The inaccuracies in Facebook’s system, however, are not due to its reliance on population-level data. Instead, they stem from the fact that Facebook trains its algorithms on very low-quality input data. Specifically, the system is inaccurate because Facebook lacks access to real-world suicide data, a fact that Barnett and Torous fail to mention. Unlike medical researchers, who have access to real medical records, Facebook can only use rough proxies for suicidal behavior such as user reports of concerning posts.

For example, if a friend or relative of a Facebook user notifies the company about a suspicious post such as “goodbye world, I’ve had enough,” Facebook uses that information, and the subsequent response of its content moderation team, as a proxy for suicide risk. If the content moderation team ultimately decided to contact police in response to the post, then Facebook might use it as an example of a high-risk post for training Facebook’s suicide prediction AI. But there is one serious limitation to this approach: Facebook does not know whether the user who made the post went on to attempt or complete suicide. As a result, its approach is inherently inaccurate.

If medical researchers found the same statement—“goodbye world, I’ve had enough”—memorialized in a medical record instead of a social media post, they could look further into the medical record to see if that person went on to attempt or complete suicide. In other words, medical researchers can identify a real link between a statement and subsequent suicidal behavior.
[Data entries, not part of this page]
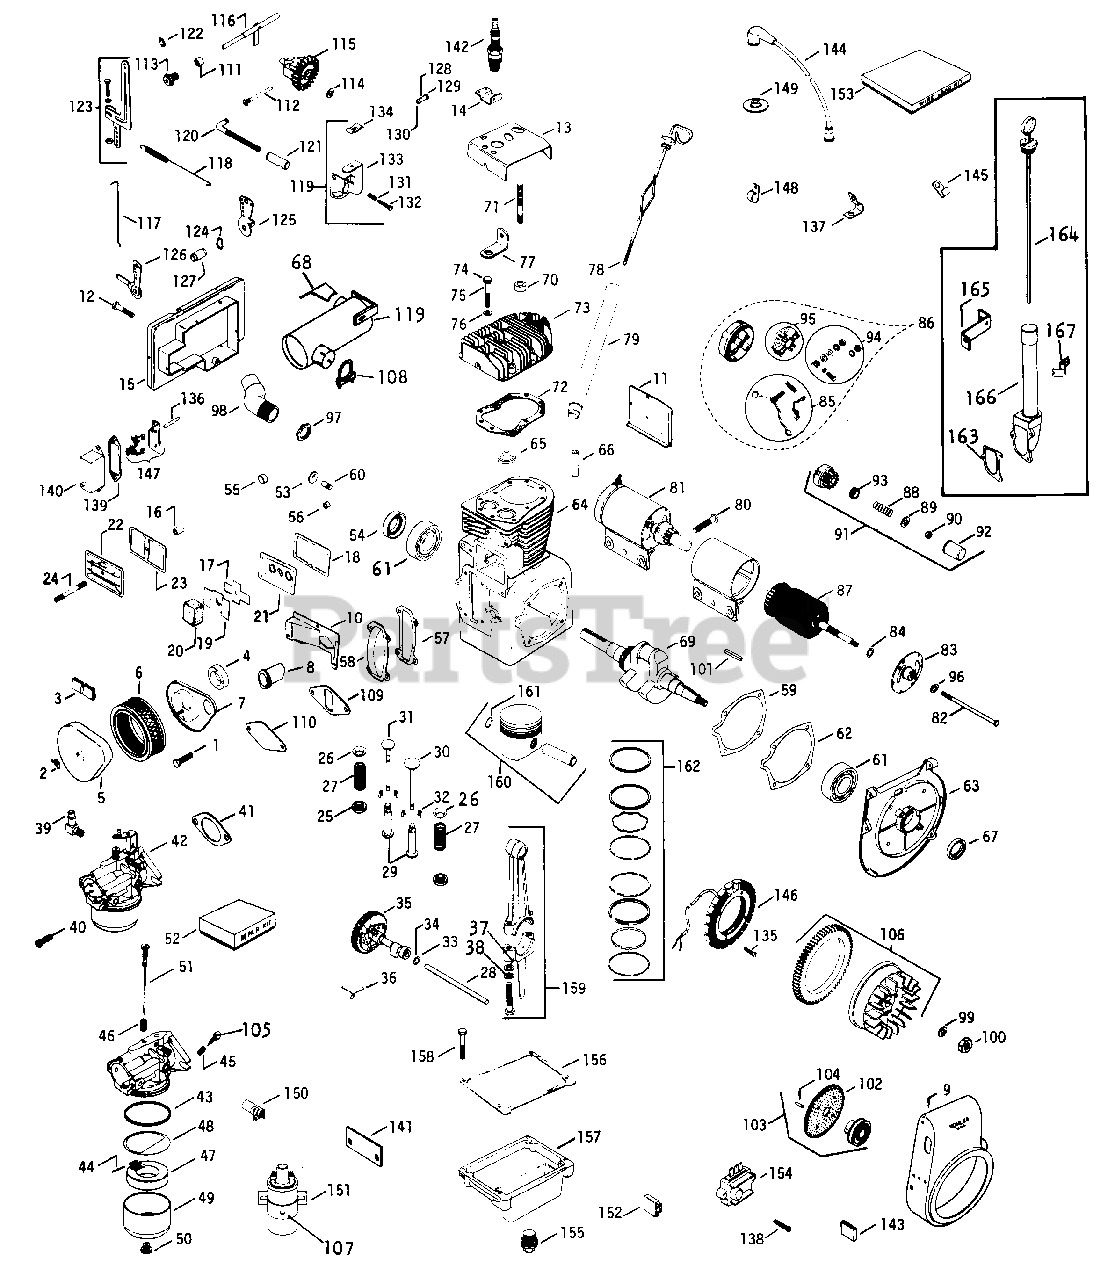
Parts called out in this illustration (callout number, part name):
1	Screw, 10-32 X 1/2 Znd Hex Hd Self Tap
2	Nut, Wing
4	Gasket, Air Cleaner
5	Cover, Air Cleaner
6	Element, Air Cleaner
7	Base, Air Cleaner
8	Tube, Air Cleaner
9	Housing, Blower
10	Baffle, Side
11	Baffle, Cylinder
12	Screw, 1/4-20 X 3/4 Hex Hd
13	Baffle, Head
14	Bracket, Lifting
16	Seal, Breather
17	Reed, Breather
18	Gasket, Cover
19	Baffle, Breather
20	Filter, Breather
21	Plate, Breather
22	Cover, Breather
23	Gasket, Valve Cover
24	Stud, Valve Cover
25	Retainer, Valve Spring
26	Retainer,Valve Spring
27	Spring, Valve
28	Pin, Camshaft
29	Tappet Assy
30	Valve, Intake
31	Valve, Exhaust
32	Keeper, Valve Spring
33	Shim, Camshaft, .005
34	Shim, Camshaft, .010
35	Camshaft Assy
36	Spring, Camshaft Actuating
37	Washer, Connecting Rod
38	Washer, 3/8 Heavy Lock
39	Elbow, Hose Connector
40	Screw, 5/16-18 X 1 Hex Hd Sems
41	Gasket, Carburetor
42	Carburetor Assy
43	Gasket, Fuel Bowl
44	Pin, Hinge
45	Spring, Idle Adjusting Screw
46	Spring, High Speed Needle
47	Float & Lever Assy
48	Gasket, Bowl Baffle
49	Bowl, Fuel
50	Screw w/Gasket, Fuel Bowl
51	Needle, High Speed
52	Kit, Carburetor Repair
53	Plug, 1-1/8 Expansion
54	Seal, Rear Oil
55	Plug, 1/2 Cup
56	Bearing, Crankcase Needle
57	Gasket, Cam Cover
58	Cover, Cam
59	Gasket, Bearing Plate, .010
60	Shaft, Governor
61	Bearing, Crankcase Ball
62	Gasket, Bearing Plate
63	Plate, Bearing
64	Block, Cylinder
65	Insert, Exhaust Valve
66	Guide, Valve
67	Seal, Front Oil
68	Deflector, Exhaust
70	Spacer
71	Stud, Cylinder Head
72	Gasket, Cylinder Head
73	Head, Cylinder
74	Screw, 3/8-16 X 1-1/2 Znd Hex Hd Cap Type 8
75	Screw, 3/8-16 X 1-3/4 Znd Hex Hd Cap Type 8
76	Washer, Head
77	Bracket, Baffle Mounting
78	Dipstick w/Shoulder Mount
79	Tube, Oil Fill w/Shoulder Mount
80	Bolt, Shoulder
81	Starter Assy
83	Cap Assy, Drive End
84	Washer, Armature Thrust
85	Kit, Starter Brush
86	Cap Assy, Commutator End
88	Spring, Anti-Drift
89	Spacer, Stop Gear
90	Nut, 5/16-24 Hex Lock
91	Kit, Starter Drive w/Shim
92	Cover, Dust
93	Spacer
94	Kit, Hardware
95	Kit, Brush Holder
96	Washer, 1/4 Znd Reg Lock
97	Nut, Lock
98	Elbow, Exhaust
100	Nut, 5/8-18 Znd Hex Lock
101	Key, 3/16 X 1-3/8 Sq Parallel
102	Screen, Grass
103	Cup Assy, Flywheel Drive
104	Pin, Flywheel Drive Cup
105	Screw, Idle Adjusting
106	Flywheel Assy
107	Clamp, Ignition Coil
108	Clamp Assy, Muffler
109	Gasket, Pump Cover
110	Cover, Pad
111	Spacer
112	Pin, Governor Stop
113	Bushing, Governor
114	Washer, Thrust
115	Gear, Governor
116	Shaft, Governor
117	Linkage, Choke
118	Spring, Governor
119	Muffler Assy,
120	Rod, Ball Joint
121	Body, Ball Joint
122	Retainer, Throttle Rod
123	Lever, Governor
124	Washer, Tension
125	Lever, Throttle Control
126	Lever, Choke Control
128	Clamp, Swivel Wire
129	Washer, 9/32 X 5/8 X .062 Znd
130	Screw, 1/4-20 X 1-1/4 Hex Hd Sems
131	Spring, Adjusting
132	Screw, Throttle
133	Bracket, Control
134	Clamp, Wire
135	Screw, 10-24 X 3/8 Fil Hd Mach
136	Rod, Breaker
137	Clip, High Tension
138	Screw, 10-24 X 1 Znd Pan Hd Mach
139	Gasket, Breaker Cover
140	Cover, Breaker
141	Bar, Coil Bracket Back Plate
142	Plug, Spark (Champion)
143	Connector
144	Kit, Hi-Tension Lead
145	Clip, Terminal
146	Kit, Stator
147	Breaker & Bracket Assy
148	Clip, Cable
149	Grommet, Spark Plug
150	Condenser, Ignition Coil
151	Coil, Ignition
153	Kit, Wire Lead Cable
154	Regulator Assy
155	Plug, Drain
156	Gasket, Oil Pan Base
157	Base, Oil Pan
158	Screw w/Lock Washer, 3/8-16 X 1-1/2 Znd Hex Hd
159	Rod Assy, Connecting, Std
160	Piston Assy, Std
161	Retainer, Piston Pin
162	Ring Set, Piston, Std
163	Gasket, Oil Fill Tube
164	Dipstick w/o Shoulder Mount
165	Bracket, Dipstick Tube
166	Tube Assy, Oil Fill w/o Shoulder Mount
167	Clamp, Conduit

Unlike Facebook, they don’t have to guess, and they can use the information as high-quality training data for their prediction models.

By comparison, Facebook is operating with blinders on because it cannot see the ultimate outcome of the situation. Thus, Facebook’s algorithms suffer from the “garbage-in, garbage-out” problem that is common in computer science. Its poor-quality input data likely results in inaccurate predictions. Increasing surveillance of Facebook users by adding an individualized system on top of the existing system will not help because even an individualized system would rely on low-quality data unless Facebook somehow gained access to user medical records.

There is another problem. People who attempt suicide often do so impulsively, and they frequently have little or no history of mental illness. That is why an individualized approach will often be ineffective. Suppose a person suddenly attempts suicide without warning. If that person has no prior suicide attempts, and made no suspicious posts on Facebook previously, then his individual suicide prediction model would be unable to anticipate his suicide attempt. The model would have little or no data on which to base an accurate prediction. Thus a high-quality population-level approach using real suicide data is the right idea compared to an individualized approach. A person with no history of mental illness or suicidal behavior could be picked up by a screening program trained on high-quality training data because the system would have learned the behaviors that may precede a suicide attempt. But that is neither the system that Facebook currently has nor the system that Barnett and Torous propose.

The inherent inaccuracies of Facebooks system are dangerous because they have real-world consequences for people. Based on Facebook’s predictions, users may be detained, searched, hospitalized, and treated against their will. Their personal information may be transferred or sold to third parties, stolen, or used to discriminate against them. These outcomes can be traumatic and have devastating consequences for Facebook users. Yet Barnett and Torous fail to address these risks as they recommend even more surveillance of Facebook’s users.

There are very limited circumstances in which social media platforms should monitor user behavior for suicide risk. Live streaming of suicide attempts is one example. Outside of those limited circumstances, Facebook should adopt a “less is more” approach.

Mason Marks

Mason Marks is a visiting fellow at Yale Law School’s Information Society Project.

This essay is part of a 12-part series, entitled What Tomorrow Holds for U.S. Health Care.